Result: readers need to go through the hassle of finding credentials and logging in, and some of these accounts are blocked by the sites. The sites gain nothing from the use of shared credentials. Everyone loses.

2. Geo-blocking
Some sites identify the country of users and only work in specific countries. The obvious technical solution: use a proxy located in the correct country.

Result: proxy servers are flooded with users and bandwidth demands they were never meant to support, due to streaming media. Many sites identify and block anyone connecting through a proxy. Proxies are slow and untrusted, making them a lot less useful for those that do need them. Everyone loses.

3. Hulu vs. Boxee
The content providers of Hulu ask Boxee not to show their content. Boxee chooses to work around this, and an ever escalating measure-counter measure race erupts.
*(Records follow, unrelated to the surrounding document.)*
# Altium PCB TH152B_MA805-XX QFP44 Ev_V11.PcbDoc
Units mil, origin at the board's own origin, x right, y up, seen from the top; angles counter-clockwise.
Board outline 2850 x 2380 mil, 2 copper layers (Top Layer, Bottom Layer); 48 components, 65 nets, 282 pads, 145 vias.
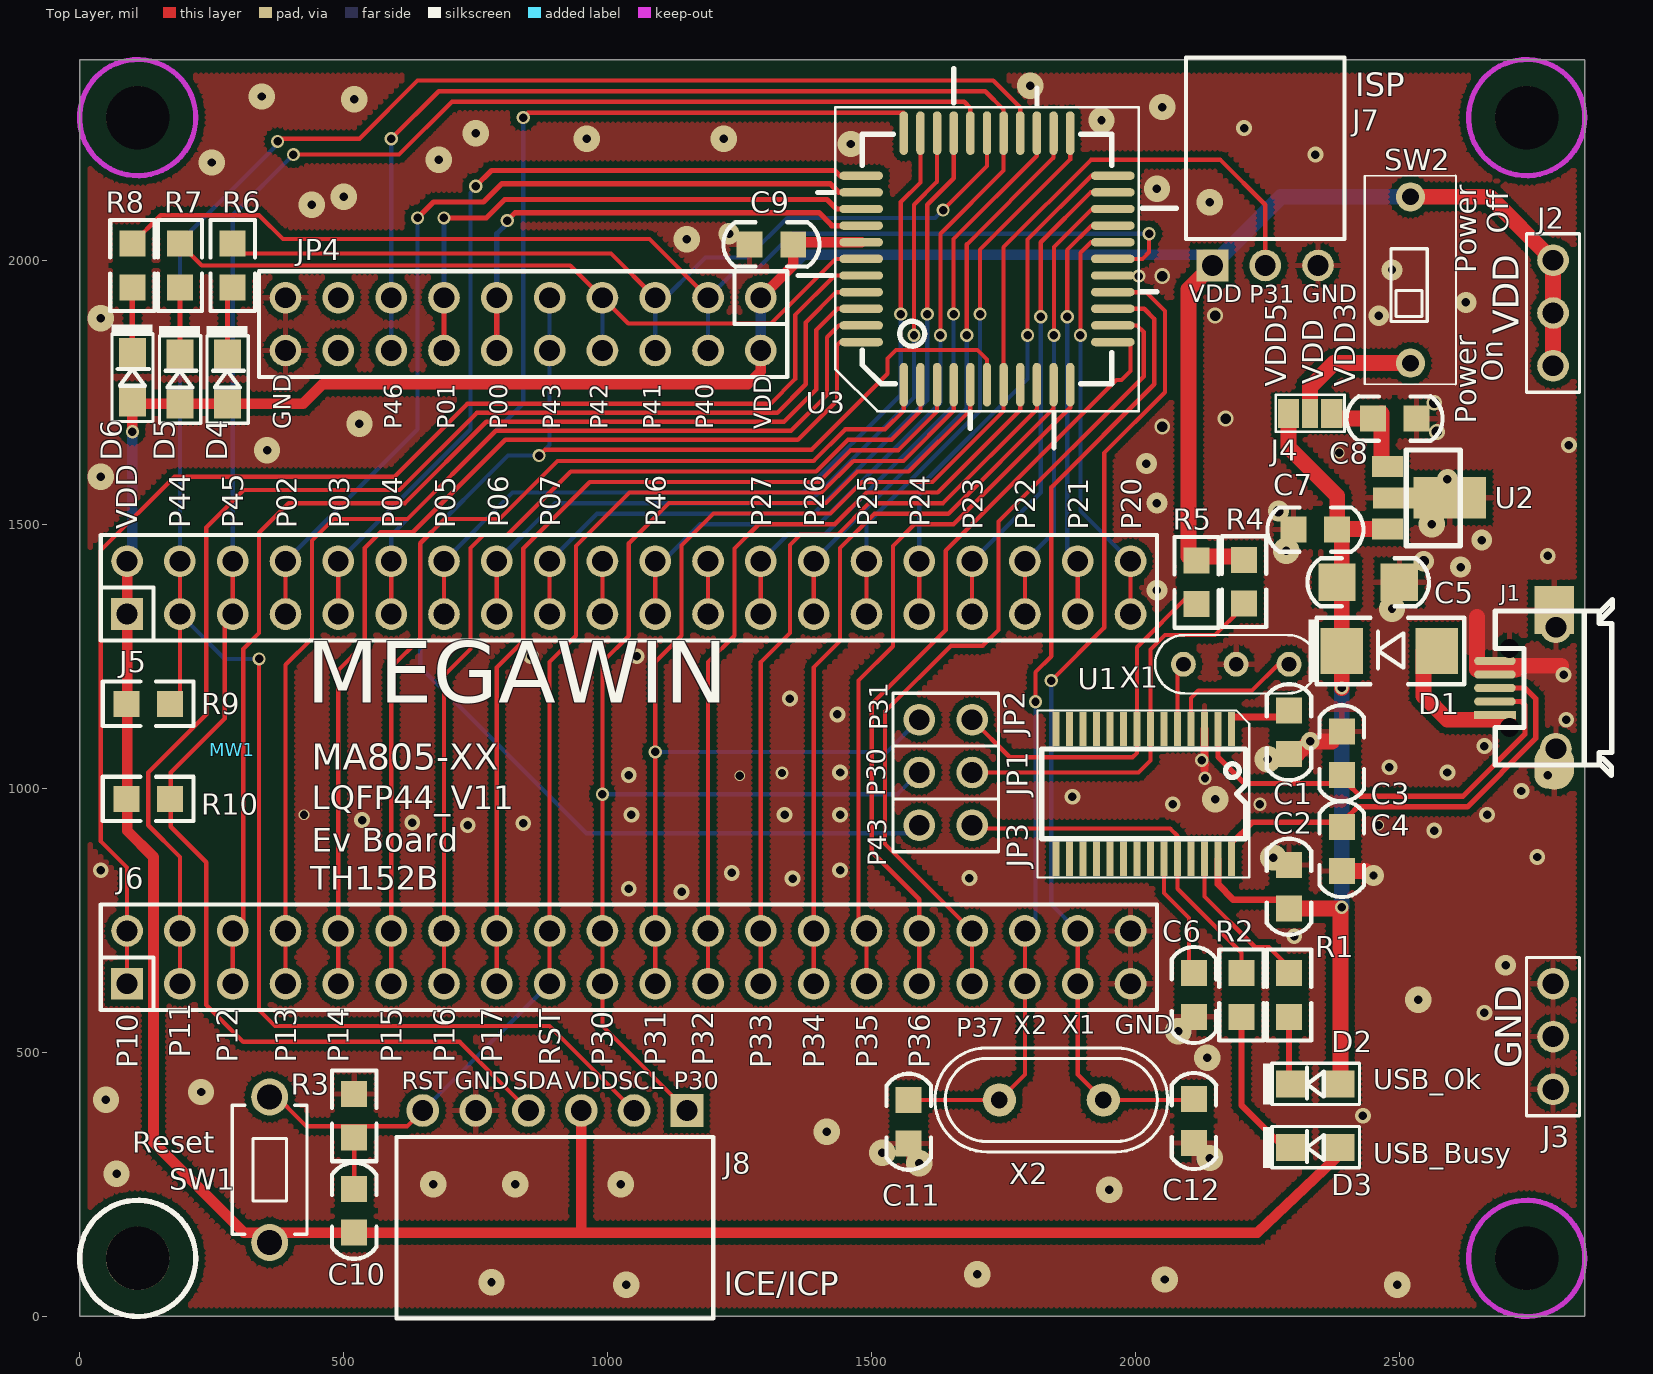
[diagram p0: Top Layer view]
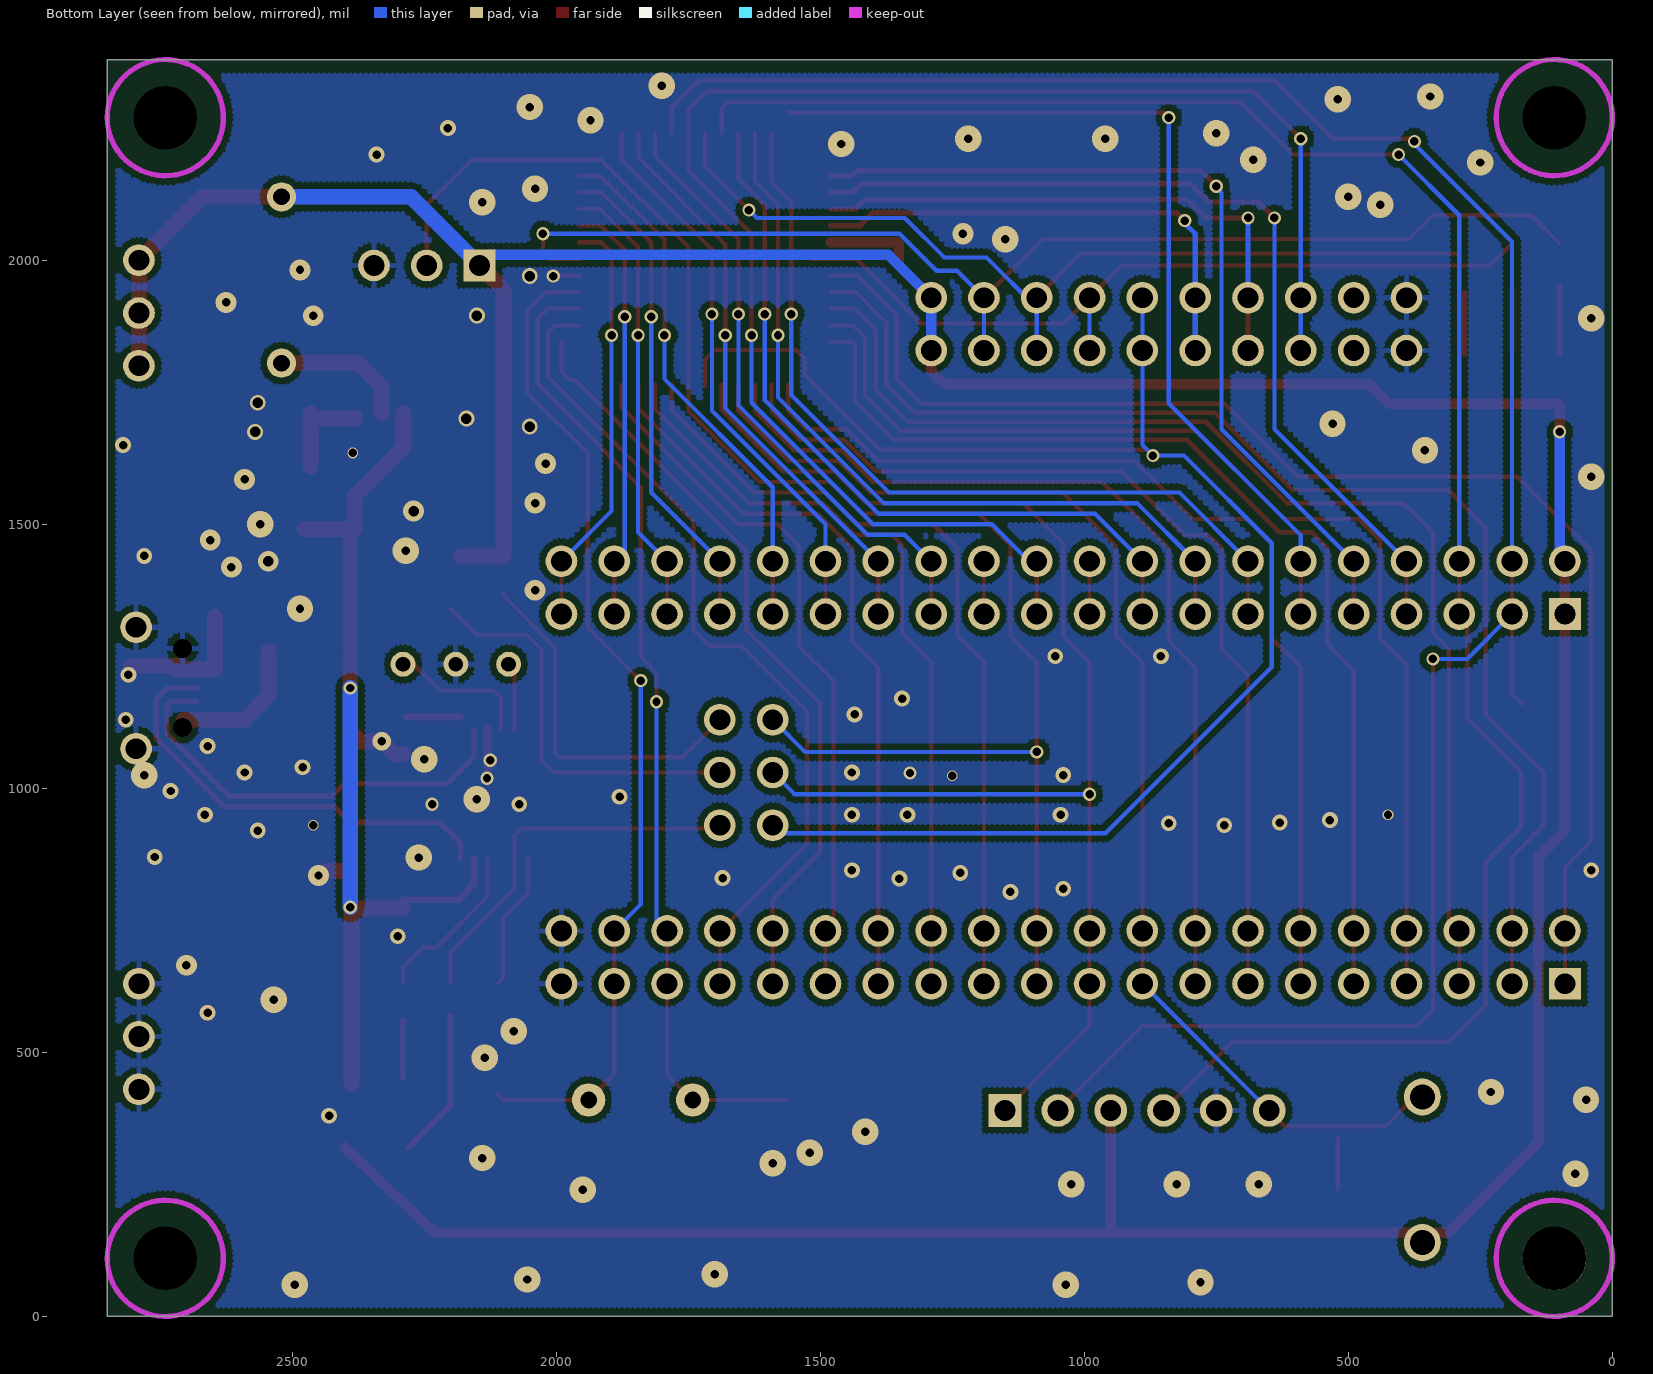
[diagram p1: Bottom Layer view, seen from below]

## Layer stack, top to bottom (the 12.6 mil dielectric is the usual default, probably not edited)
Top Layer: signal copper 1.4
Dielectric: dielectric 12.6, FR-4, Dk 4.8
Bottom Layer: signal copper 1.4

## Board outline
0,0 0,2380 2850,2380 2850,0

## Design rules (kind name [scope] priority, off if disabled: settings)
Clearance 12 [All] p1 off: gap=12
Clearance 10 [All] p2 off: gap=10
Clearance 6 [All] p3: gap=6
ComponentClearance [All] p1 off: gap=10 collisioncheckmode=3 verticalgap=10 showdistances=FALSE
HoleSize [All] p1: absolutevalues=TRUE maxlimit=500 minlimit=1 maxpercent=80.000 minpercent=20.000
MinimumSolderMaskSliver [All] p1 off: minsoldermaskwidth=10
PolygonConnect VIA [ISVIA] p1: connectstyle=Direct reliefconductorwidth=10 reliefentries=4 polygonreliefangle="90 Angle"
PolygonConnect [All] p2: connectstyle=Relief reliefconductorwidth=10 reliefentries=4 polygonreliefangle="90 Angle"
RoutingVias [All] p1: holewidth=16 width=25 viastyle="Through Hole" minholewidth=16 minwidth=24 maxholewidth=28 maxwidth=50
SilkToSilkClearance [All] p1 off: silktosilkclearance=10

Result: it becomes less convenient to get and use Hulu content on Boxee, and Boxee users never know whether Hulu would work tomorrow. Hulu expends resources on blocking Boxee instead of making their service better. Content creators are more reluctant to put content on Hulu and other sites because of the “Wild West” image. Everyone loses.

4. DRM
No explanation needed. Result: disaster.

Of course, many problems are indeed best solved by a technical solution. But it’s important, whenever one thinks of how something can be solved technically, to take a step back and think whether that is the correct strategy at all, or whether a different approach is more fitting: direct communication (with a person or a company); a public awareness campaign; political action; purchase decisions; etc. The fact that a problem has an apparent technical solution doesn’t mean that it is the best one, or that it is a good idea at all.